PROVIDED RECORDS
┏━━
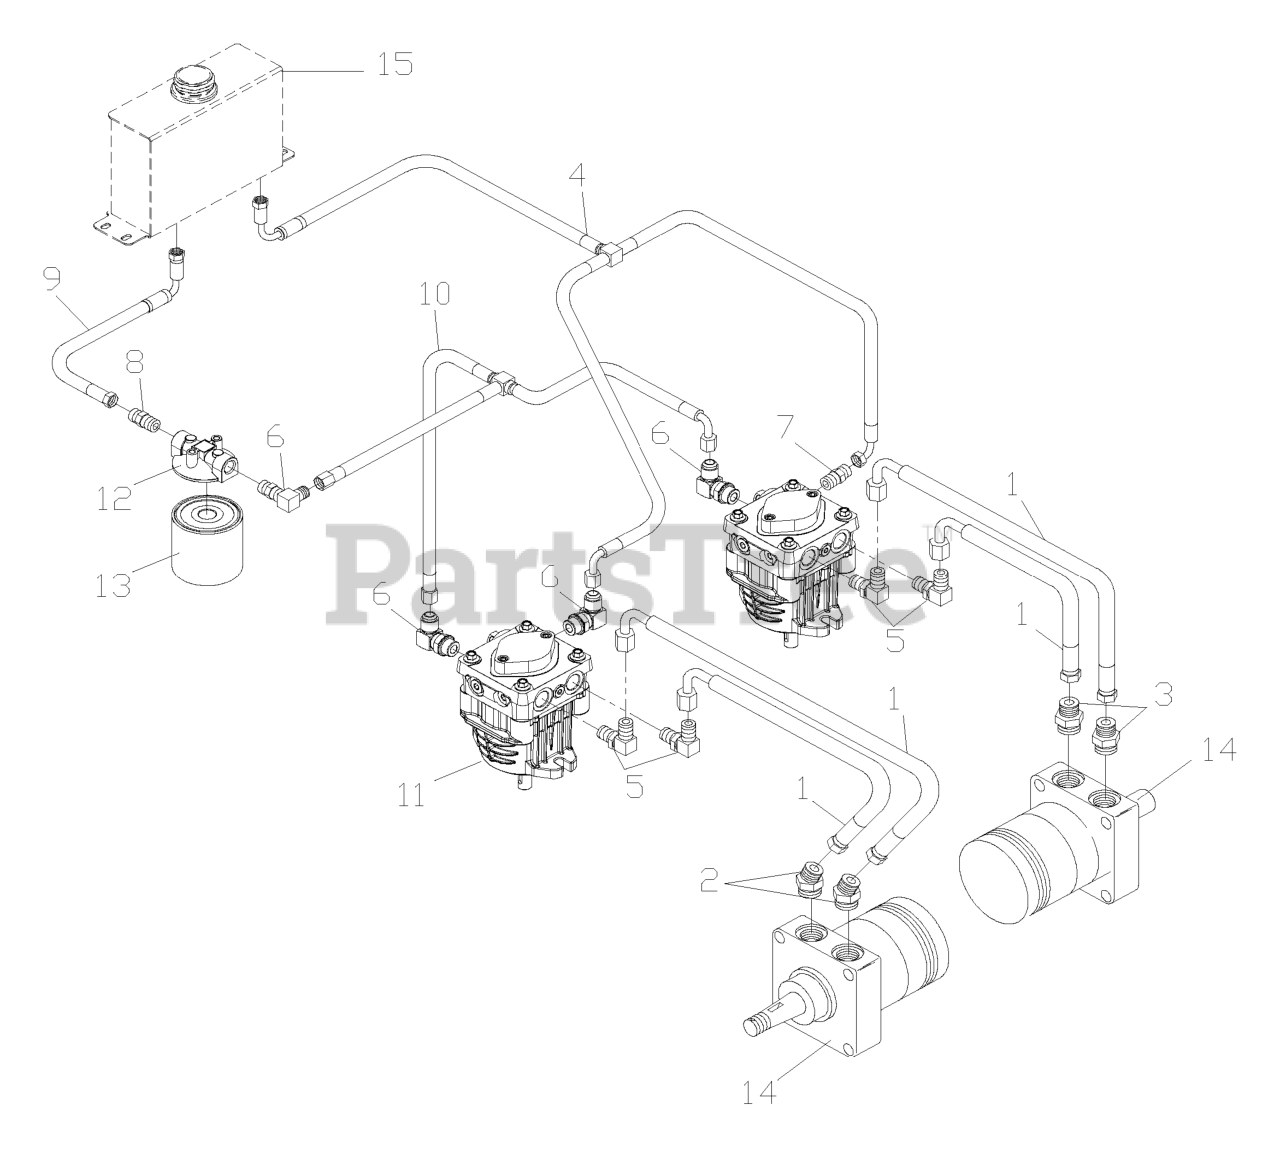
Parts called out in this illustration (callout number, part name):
1	HOSE, 1/2" HYDRAULIC
2	ELBOW-ADJ 45 DEG F6802-8-10
3	CONNECTOR, STRAIGHT
4	INLET TEE HOSE
5	ELBOW, 90 DEGREE
6	ELBOW, F6801-6-6-0 90 DEGREE
7	FITTING, STRAIGHT F6400-6-4-0
8	STRAIGHT FITG
9	HOSE
10	RETURN TEE HOSE
11	HG_PUMP
12	FILTER HEAD
13	HYDRAULIC OIL FILTER
14	WHEEL MOTOR
14	SEAL KIT - GEN I
15	OIL TANK BLK
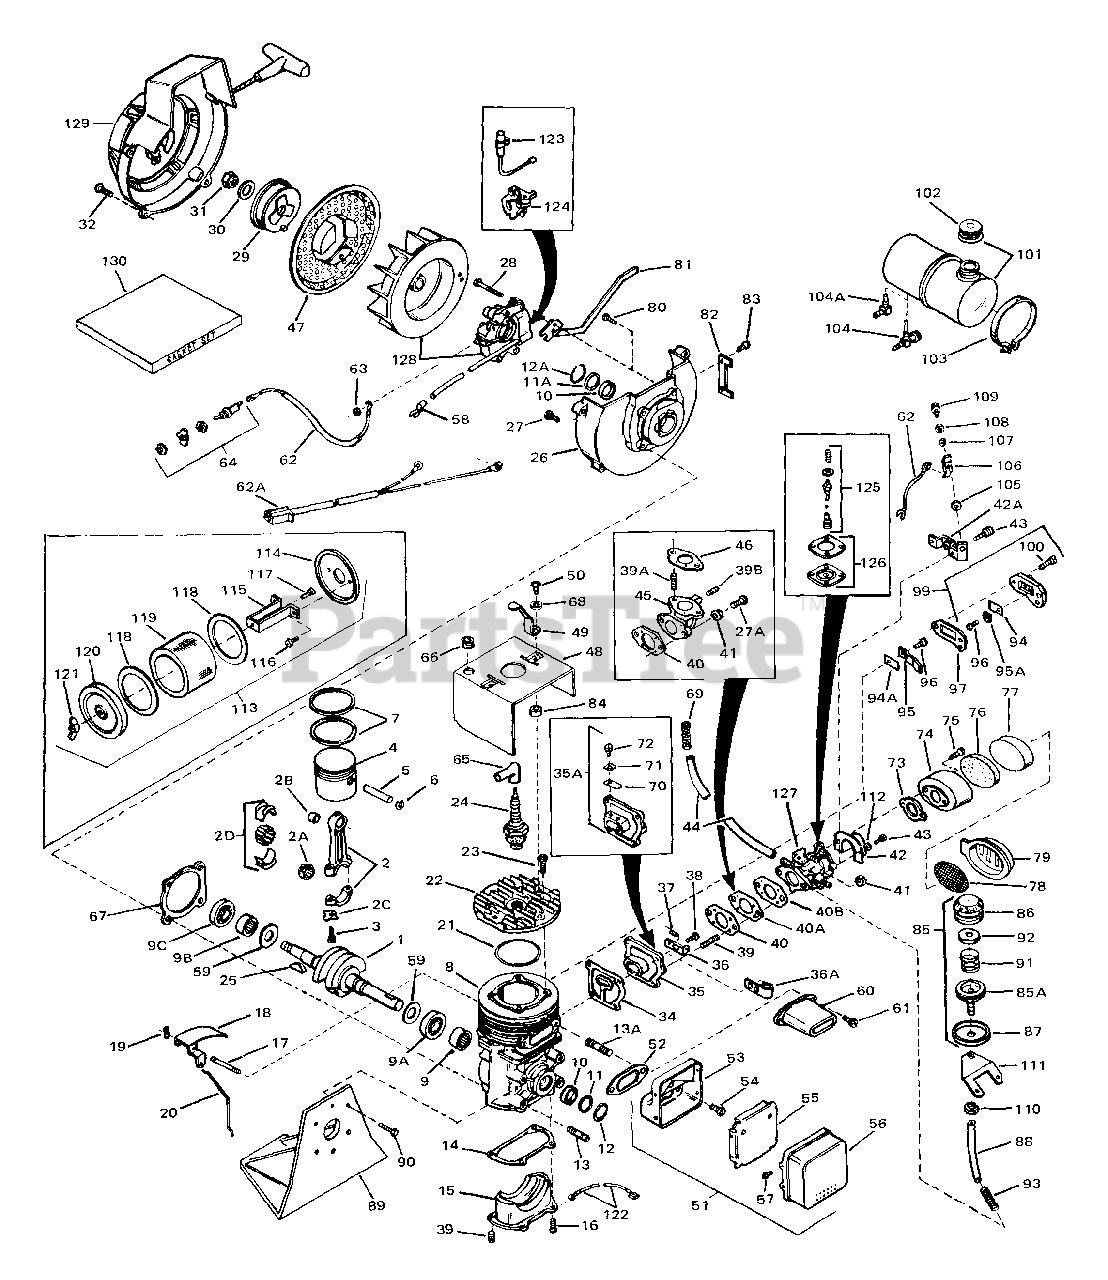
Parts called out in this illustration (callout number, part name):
1	"Crankshaft
2	Rod Assy., Connecting
2B	Bearing, Cartridge
3	Screw, Connecting rod
4	Piston
5	Pin, Piston
6	Ring, Piston pin retaining
7	Ring Set, Piston
8	Block Assy., Cylinder
9A	Bearing, Ball
9B	Bearing, Cartridge
10	Seal, Crankshaft
11	Retainer, Crankshaft seal
11A	Retainer, Crankshaft seal
12	Spring, Crankshaft seal retainer
12A	Spring, Crankshaft seal retainer
14	Gasket, Cover
15	Plate, Cover
17	Shaft, Air vane
18	Vane Assy., Air
19	Clip, Air vane
20	Link, Governor
21	Gasket, Cylinder head
22	Head, Cylinder
24	Plug, Spark
24	Resistor Spark Plug (Canadian Regulat ions
25	Key, Woodruff
26	Base Assy., Shroud
27	Screw
29	Cup, Starter
30	Washer, Flat
31	Nut, Flywheel
34	Gasket, Adapter cover
35	Cover, Adapter
36	Lever, Adjusting
37	Spring, Adjusting lever
38	Screw, Pan flex hd., 10-24 x 5/8
40	Gasket, Carburetor
40B	Gasket, Carburetor
41	Nut, Hex, 1/4-20
41	Nut, Hex, 1/4-28
47	Screen, Air
48	Shroud, Cylinder
49	Lever,Stop
50	Screw
51	Muffler Assy.
52	Gasket, Exhaust
53	Base, Muffler
54	Screw
55	Baffle, Muffler
56	Cover, Muffler
58	Terminal, Lead wire
59	Washer, Thrust
67	Gasket, Shroud base
73	Gasket, Air filter
74	Body, Air filter
76	Screen, Air filter
77	Element, Air filter
78	Element, Air filter
79	Cover, Air filter
123	Condenser
124	Contact Assy., Breaker
125	Inlet Needle, Seat, Spring & Gasket A ssy.
126	Diaphragm Assy.
127	Carburetor
128	Magneto
129	Rewind Starter & Shroud Assy.
130	Gasket Set
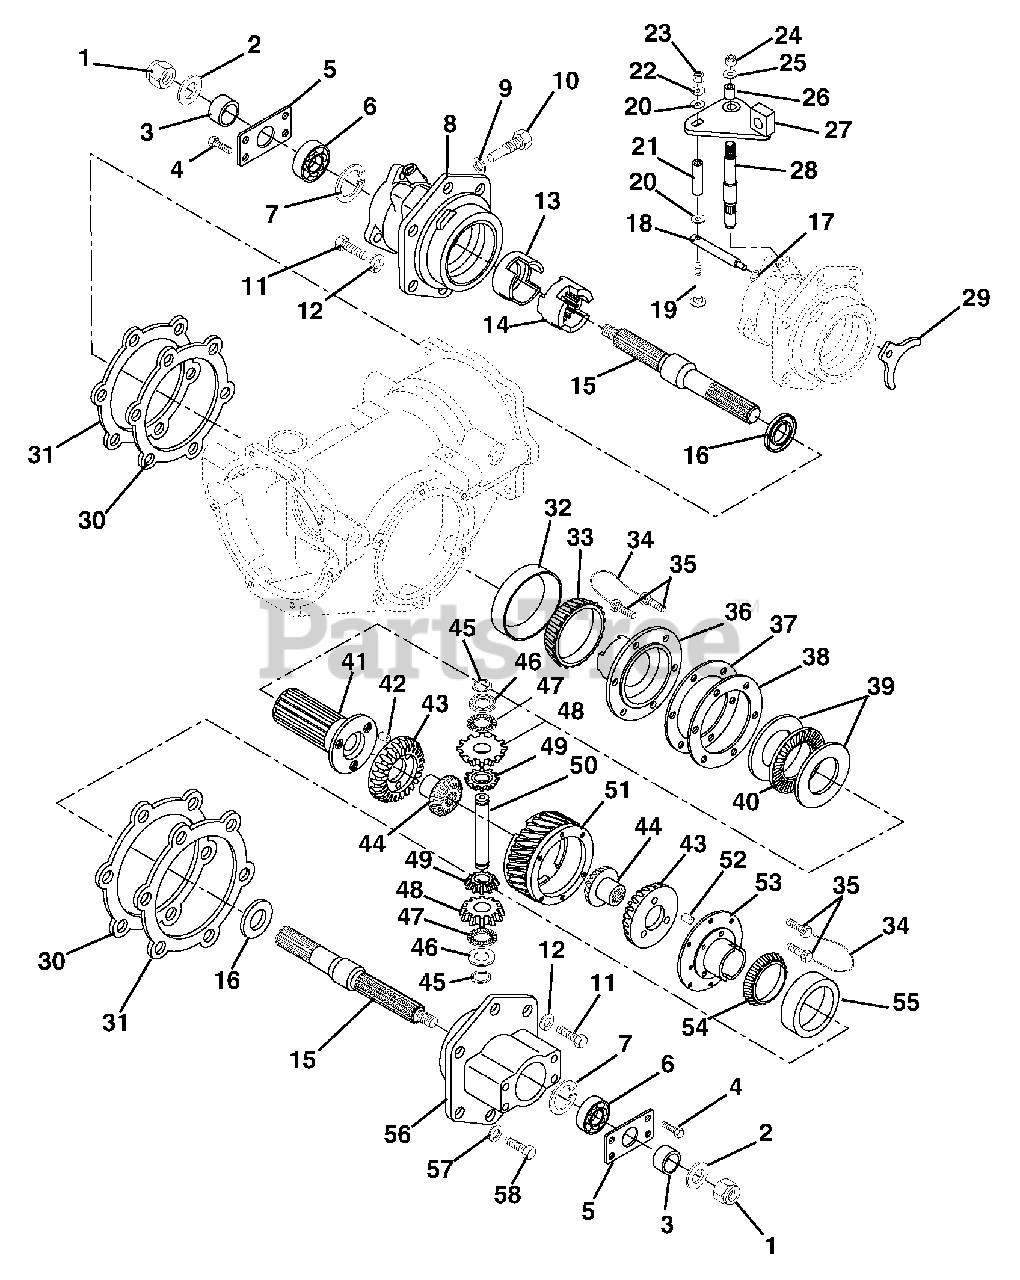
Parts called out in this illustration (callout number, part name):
1	Nut-Locking-Jam-Nylon .75-10
2	Washer-Flat .812 x 1.50 x .135
3	Spacer 1.008 x 1.377 x .509
4	Bolt-Hex .38-16 x .75 Grade 5
5	Plate, End
6	Bearing-Ball 1.0 x 2.0 x .56
7	Ring-Retaining-Internal 2.210 x .062
8	Housing, Axle, 2 Speed
9	Washer-Nut .63 x .875 x .062
10	Bolt-Hex .62-18 x .493 x 1.25
11	Bolt-Hex .50-13 x 1 Grade 5
12	Washer-Lock .50 x .125
13	Clutch, Stationary
14	Clutch, Shifting
15	Axle, Straight
16	Seal 1.1988 x 2.00 x .250
17	O-Ring .437 x .625 x .093
18	Pin-Clutch Sliding
19	Bolt-Round Head Square Neck .25-20 x 2.25 Grade 8
20	Washer-Flat-Steel .406 x .812 x .065
21	Bushing-Sleeve .277 x .375 x 1.37
22	Washer-Flat-Steel .281 x .625 x .065
23	Nut-Locking-Center .250-20 Grade 2
24	Nut-Locking-Center .312-18 Grade 2
25	Washer-Flat-Steel .344 x .688 x .065
26	Bushing-Sleeve .377 x .503 x .88
27	Weldment, Arm Shifter
28	Pivot, Stationary
29	Yoke, Shifting
30	Gasket, Axle Housing
31	Assembly, Advance Casting
32	Bearing-Race 4.34 x .741
33	Bearing-Cone 2.69 x .87
34	Wire, Bolt
35	Bolt-Special .31-18 x .75
36	Housing, Clutch
37	Shim, .020 Clutch Worm Gear
38	Shim, .005 Clutch Worm Gear
39	Washer-Thrust 2.002 x 2.740 x .031
40	Bearing-Needle-Thrust 2.0 x 2.74 x .010
41	Shifter, Splined Pinned
42	Pin-Dowel .375 x .375
43	Gear, Pinned Bevel
44	Gear, Differential Bevel
45	Ring-Retaining .697 x .93
46	Bushing, Flange .761 x 1.24 x 1.24
47	Bearing-Needle-Thrust .754 x 1.24 x .078
48	Gear, Differential Shifting Bevel
49	Gear, Spider Bevel
50	Pin, Spider
51	Gear, Worm 8 Start
52	Pin-Dowel .38 x .500
53	Housing, Pinned
54	Cone, Roller Bearing 50mm x 21.5mm
55	Cup, Roller Bearing 82mm x 17mm
56	Housing, Axle
57	Seal-Oil Drain .563 x 1.250 x .091
58	Bolt-Hex .50-13 x 1.25 Grade 5
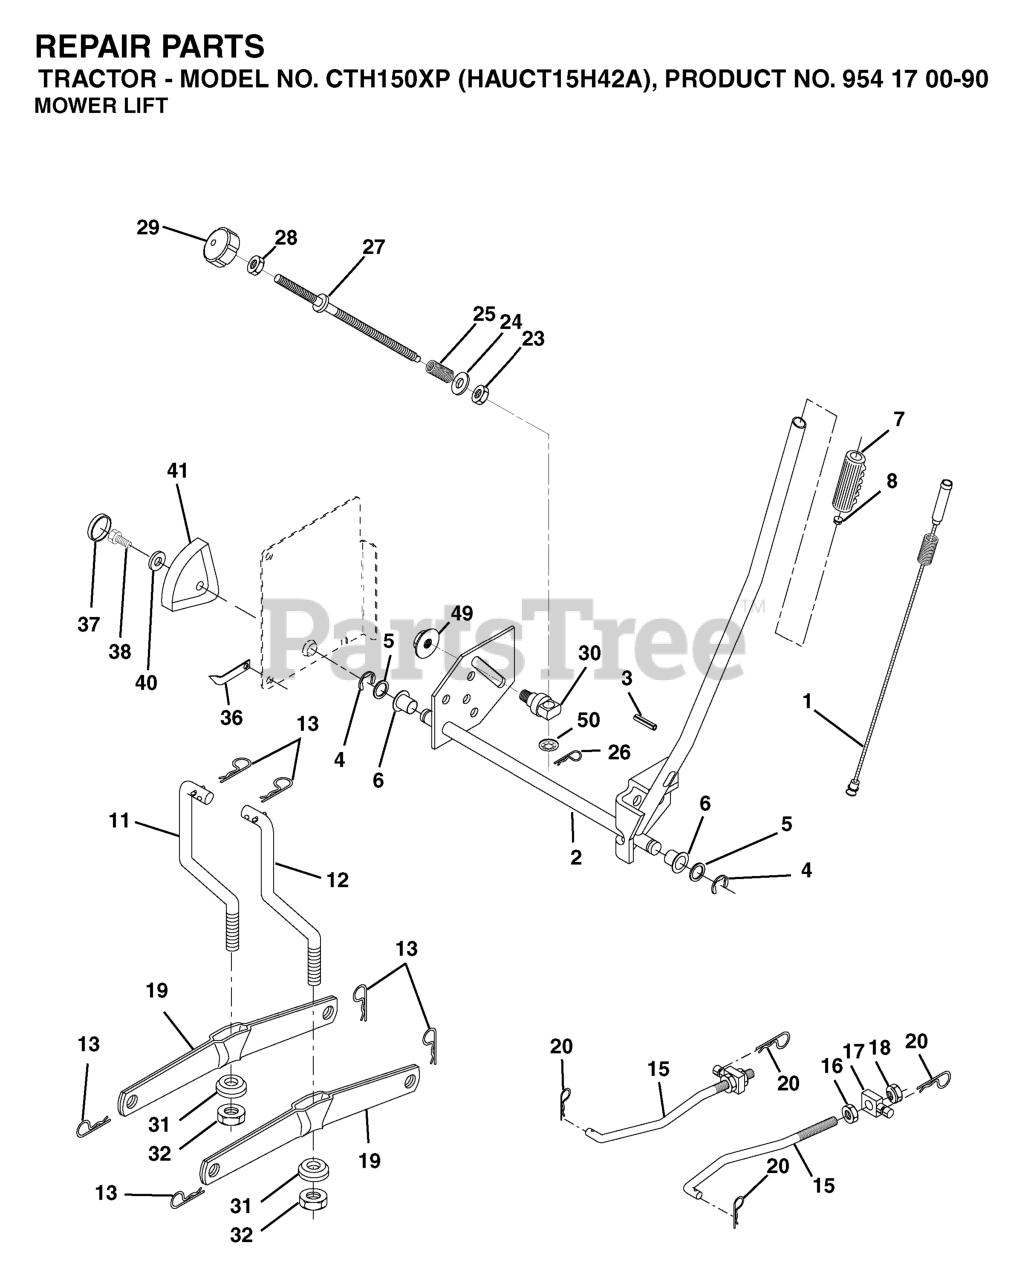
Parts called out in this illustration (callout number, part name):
1	WIRE ASM INNER W/ PLUNGER LT
2	SHAFT ASM R HANDLE
3	PIN GROOVE.
4	RETAINING RING LT
6	BEARING.NYLON
7	GRIP HANDLE
8	PLUNGER BUT KIT
11	LINK
12	LINK
13	RETAINER-SPRNG RB
15	LINK.SUSPENSION.FRONT
16	NUT.HEX.JAM.1/2-13
18	NUT.LK.W/WSH.1/2.
19	ARM.REAR.SUSPENSION
20	SPRING RETAINER
25	SPRING**
26	RETAINER CLIP
27	ROD ADJ LIFT
28	NUT
29	KNOB INF 3/8-16
31	BEARING.PIVOT.LIFT
32	NUT CROWNLOCK 3/8-24
36	POINTER, HEIGHT INDICATOR(2 2)
38	SCREW 5/16-18X1
41	HEIGHT INDICATOR
49	NUT
50	NUT PUSH M
┗━━
DIRECTIONS FOR THIS TASK
Copy out the entries verbatim, but skip every picture.

ANSWER TO THE EXERCISE
Parts called out in this illustration (callout number, part name):
1	HOSE, 1/2" HYDRAULIC
2	ELBOW-ADJ 45 DEG F6802-8-10
3	CONNECTOR, STRAIGHT
4	INLET TEE HOSE
5	ELBOW, 90 DEGREE
6	ELBOW, F6801-6-6-0 90 DEGREE
7	FITTING, STRAIGHT F6400-6-4-0
8	STRAIGHT FITG
9	HOSE
10	RETURN TEE HOSE
11	HG_PUMP
12	FILTER HEAD
13	HYDRAULIC OIL FILTER
14	WHEEL MOTOR
14	SEAL KIT - GEN I
15	OIL TANK BLK
Parts called out in this illustration (callout number, part name):
1	"Crankshaft
2	Rod Assy., Connecting
2B	Bearing, Cartridge
3	Screw, Connecting rod
4	Piston
5	Pin, Piston
6	Ring, Piston pin retaining
7	Ring Set, Piston
8	Block Assy., Cylinder
9A	Bearing, Ball
9B	Bearing, Cartridge
10	Seal, Crankshaft
11	Retainer, Crankshaft seal
11A	Retainer, Crankshaft seal
12	Spring, Crankshaft seal retainer
12A	Spring, Crankshaft seal retainer
14	Gasket, Cover
15	Plate, Cover
17	Shaft, Air vane
18	Vane Assy., Air
19	Clip, Air vane
20	Link, Governor
21	Gasket, Cylinder head
22	Head, Cylinder
24	Plug, Spark
24	Resistor Spark Plug (Canadian Regulat ions
25	Key, Woodruff
26	Base Assy., Shroud
27	Screw
29	Cup, Starter
30	Washer, Flat
31	Nut, Flywheel
34	Gasket, Adapter cover
35	Cover, Adapter
36	Lever, Adjusting
37	Spring, Adjusting lever
38	Screw, Pan flex hd., 10-24 x 5/8
40	Gasket, Carburetor
40B	Gasket, Carburetor
41	Nut, Hex, 1/4-20
41	Nut, Hex, 1/4-28
47	Screen, Air
48	Shroud, Cylinder
49	Lever,Stop
50	Screw
51	Muffler Assy.
52	Gasket, Exhaust
53	Base, Muffler
54	Screw
55	Baffle, Muffler
56	Cover, Muffler
58	Terminal, Lead wire
59	Washer, Thrust
67	Gasket, Shroud base
73	Gasket, Air filter
74	Body, Air filter
76	Screen, Air filter
77	Element, Air filter
78	Element, Air filter
79	Cover, Air filter
123	Condenser
124	Contact Assy., Breaker
125	Inlet Needle, Seat, Spring & Gasket A ssy.
126	Diaphragm Assy.
127	Carburetor
128	Magneto
129	Rewind Starter & Shroud Assy.
130	Gasket Set
Parts called out in this illustration (callout number, part name):
1	Nut-Locking-Jam-Nylon .75-10
2	Washer-Flat .812 x 1.50 x .135
3	Spacer 1.008 x 1.377 x .509
4	Bolt-Hex .38-16 x .75 Grade 5
5	Plate, End
6	Bearing-Ball 1.0 x 2.0 x .56
7	Ring-Retaining-Internal 2.210 x .062
8	Housing, Axle, 2 Speed
9	Washer-Nut .63 x .875 x .062
10	Bolt-Hex .62-18 x .493 x 1.25
11	Bolt-Hex .50-13 x 1 Grade 5
12	Washer-Lock .50 x .125
13	Clutch, Stationary
14	Clutch, Shifting
15	Axle, Straight
16	Seal 1.1988 x 2.00 x .250
17	O-Ring .437 x .625 x .093
18	Pin-Clutch Sliding
19	Bolt-Round Head Square Neck .25-20 x 2.25 Grade 8
20	Washer-Flat-Steel .406 x .812 x .065
21	Bushing-Sleeve .277 x .375 x 1.37
22	Washer-Flat-Steel .281 x .625 x .065
23	Nut-Locking-Center .250-20 Grade 2
24	Nut-Locking-Center .312-18 Grade 2
25	Washer-Flat-Steel .344 x .688 x .065
26	Bushing-Sleeve .377 x .503 x .88
27	Weldment, Arm Shifter
28	Pivot, Stationary
29	Yoke, Shifting
30	Gasket, Axle Housing
31	Assembly, Advance Casting
32	Bearing-Race 4.34 x .741
33	Bearing-Cone 2.69 x .87
34	Wire, Bolt
35	Bolt-Special .31-18 x .75
36	Housing, Clutch
37	Shim, .020 Clutch Worm Gear
38	Shim, .005 Clutch Worm Gear
39	Washer-Thrust 2.002 x 2.740 x .031
40	Bearing-Needle-Thrust 2.0 x 2.74 x .010
41	Shifter, Splined Pinned
42	Pin-Dowel .375 x .375
43	Gear, Pinned Bevel
44	Gear, Differential Bevel
45	Ring-Retaining .697 x .93
46	Bushing, Flange .761 x 1.24 x 1.24
47	Bearing-Needle-Thrust .754 x 1.24 x .078
48	Gear, Differential Shifting Bevel
49	Gear, Spider Bevel
50	Pin, Spider
51	Gear, Worm 8 Start
52	Pin-Dowel .38 x .500
53	Housing, Pinned
54	Cone, Roller Bearing 50mm x 21.5mm
55	Cup, Roller Bearing 82mm x 17mm
56	Housing, Axle
57	Seal-Oil Drain .563 x 1.250 x .091
58	Bolt-Hex .50-13 x 1.25 Grade 5
Parts called out in this illustration (callout number, part name):
1	WIRE ASM INNER W/ PLUNGER LT
2	SHAFT ASM R HANDLE
3	PIN GROOVE.
4	RETAINING RING LT
6	BEARING.NYLON
7	GRIP HANDLE
8	PLUNGER BUT KIT
11	LINK
12	LINK
13	RETAINER-SPRNG RB
15	LINK.SUSPENSION.FRONT
16	NUT.HEX.JAM.1/2-13
18	NUT.LK.W/WSH.1/2.
19	ARM.REAR.SUSPENSION
20	SPRING RETAINER
25	SPRING**
26	RETAINER CLIP
27	ROD ADJ LIFT
28	NUT
29	KNOB INF 3/8-16
31	BEARING.PIVOT.LIFT
32	NUT CROWNLOCK 3/8-24
36	POINTER, HEIGHT INDICATOR(2 2)
38	SCREW 5/16-18X1
41	HEIGHT INDICATOR
49	NUT
50	NUT PUSH M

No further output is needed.